THE Bill "to amend and extend the provisions of the Law of Scotland on the subject of Education" was introduced into the House of Commons by the Lord Advocate on the 12th of February 1872; read a second time on the 7th of March; considered during nine days in Committee and on Report; and passed the Lower House on the 27th of June. It was read a second time in the House of Lords, on the motion of the Duke of Argyll, on the 5th of July; passed through Committee on the 12th; and after being again amended in the House of Commons, it received the Royal assent on the 6th of August.

This Act is the conclusion of a series of efforts which have been made by Liberal Governments during a period of eighteen years to establish a system of National Education in Scotland.

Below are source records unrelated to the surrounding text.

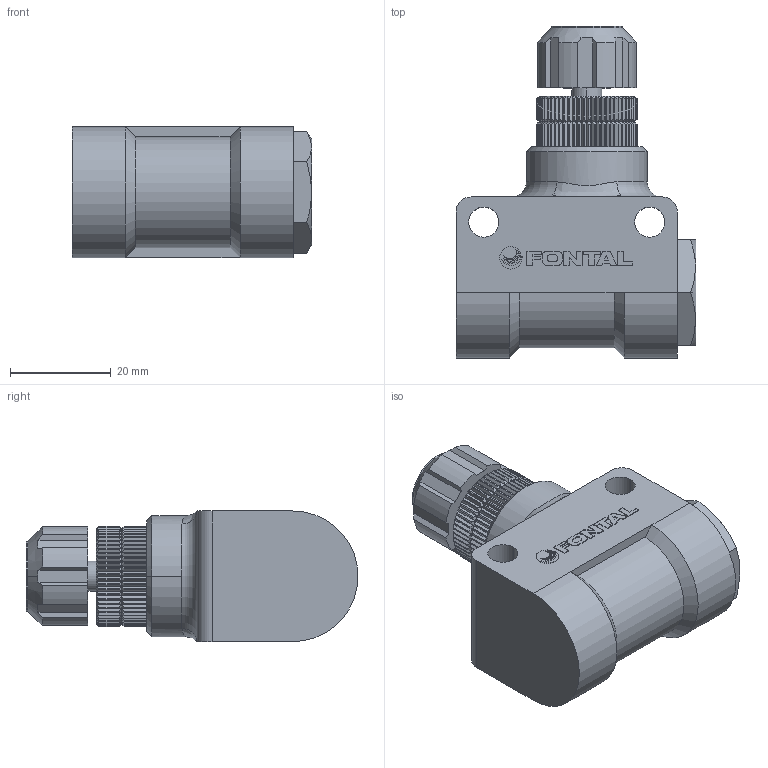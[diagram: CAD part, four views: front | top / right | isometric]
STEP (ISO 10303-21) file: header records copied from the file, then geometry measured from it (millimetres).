
FILE_DESCRIPTION (( 'STEP AP203' ), '1' );
FILE_NAME ('SP-06-2.STEP', '2016-01-14T20:16:17', ( '' ), ( '' ), 'SwSTEP 2.0', 'SolidWorks 2014', '' );
FILE_SCHEMA (( 'CONFIG_CONTROL_DESIGN' ));
Length unit declared in the file: millimetre
Products named in the file (8): SP-06-5; SP-06-4; SP-06-2-2; SP-06-6; SP-06-1; SP-06-3; SP-06-2; ZH-2H-MARK
Assembly tree (7 placements, depth 2):
  SP-06-2
    SP-06-1
    SP-06-3
    SP-06-4
    SP-06-5
    SP-06-6
    SP-06-2-2
    ZH-2H-MARK
Bounding box: 47.7 x 66 x 26.12 mm (x, y, z)
Volume: 42260.9 mm3; surface area: 12042 mm2
Topology: 13 solids, 13 shells, 666 faces, 1661 edges, 1021 vertices
Faces by surface type: plane 357, cylinder 164, cone 132, bspline 10, torus 3
Entity records: 21023 total; most frequent: CARTESIAN_POINT 4846, ORIENTED_EDGE 3322, DIRECTION 3051, EDGE_CURVE 1661, AXIS2_PLACEMENT_3D 1134, VERTEX_POINT 1021, LINE 783, VECTOR 783

Five bills were introduced into Parliament on the subject between 1854 and 1870, and only one of them, the Act of 1861 (repealed by this Act), was carried. In 1870 the Elementary Education Act for England and Wales was passed, and in the following year a Bill for Scotland was introduced, being the sixth in the series. That Bill commanded much popularity in Scotland, and might have passed into law. But the work of the session was unusually heavy, and, owing to the lengthened debates on the Regulation of the Forces Bill and the Ballot Bill, no time was found for it. The Act of this year (1872) is in

its main features a reproduction of that Bill, the only material differences between them being the provisions regarding higher class public schools, and those regarding compulsory attendance. In both these matters the Scotch Statute differs from the English. The English Statute deals with elementary education alone; by the Scotch Statute the framework of a graded system of public education is laid down in an Act of Parliament comprehending infant, elementary, and higher class public schools. In Scotland, education is made compulsory and universal by the direct agency of statute law in both town and country; in England, it is left to the discretion of school boards appointed in localities to enforce education on the people or not.

The object of the Act is to amend and extend the provisions of the law of Scotland on the subject of education, in such manner that the means of procuring efficient education for their children may be furnished and made available to the whole people of Scotland. The principles upon which the Bill was framed are (in the Lord Advocate's words1): "First, that the imperial money voted by Parliament for promoting national education should be, in Scotland as it was in England, administered by the Government, and not by a statutory Board, which would not be responsible to the Government, and for whose proceedings, consequently, the Government could not be responsible to Parliament. Second, that a popularly elected school board should be forthwith established in every parish and burgh, and that the duties of each school board should be, first, to manage all rate-supported schools within the district; next, to provide such additional school accommodation as should be necessary in the district; and thirdly, to impose and levy such local school rates as should be necessary. Third, that there should be one uniform system of management, applicable without distinction to all public rate-supported schools, whether existing before the Act or established under the

1 Lord Advocate in Committee, June 3.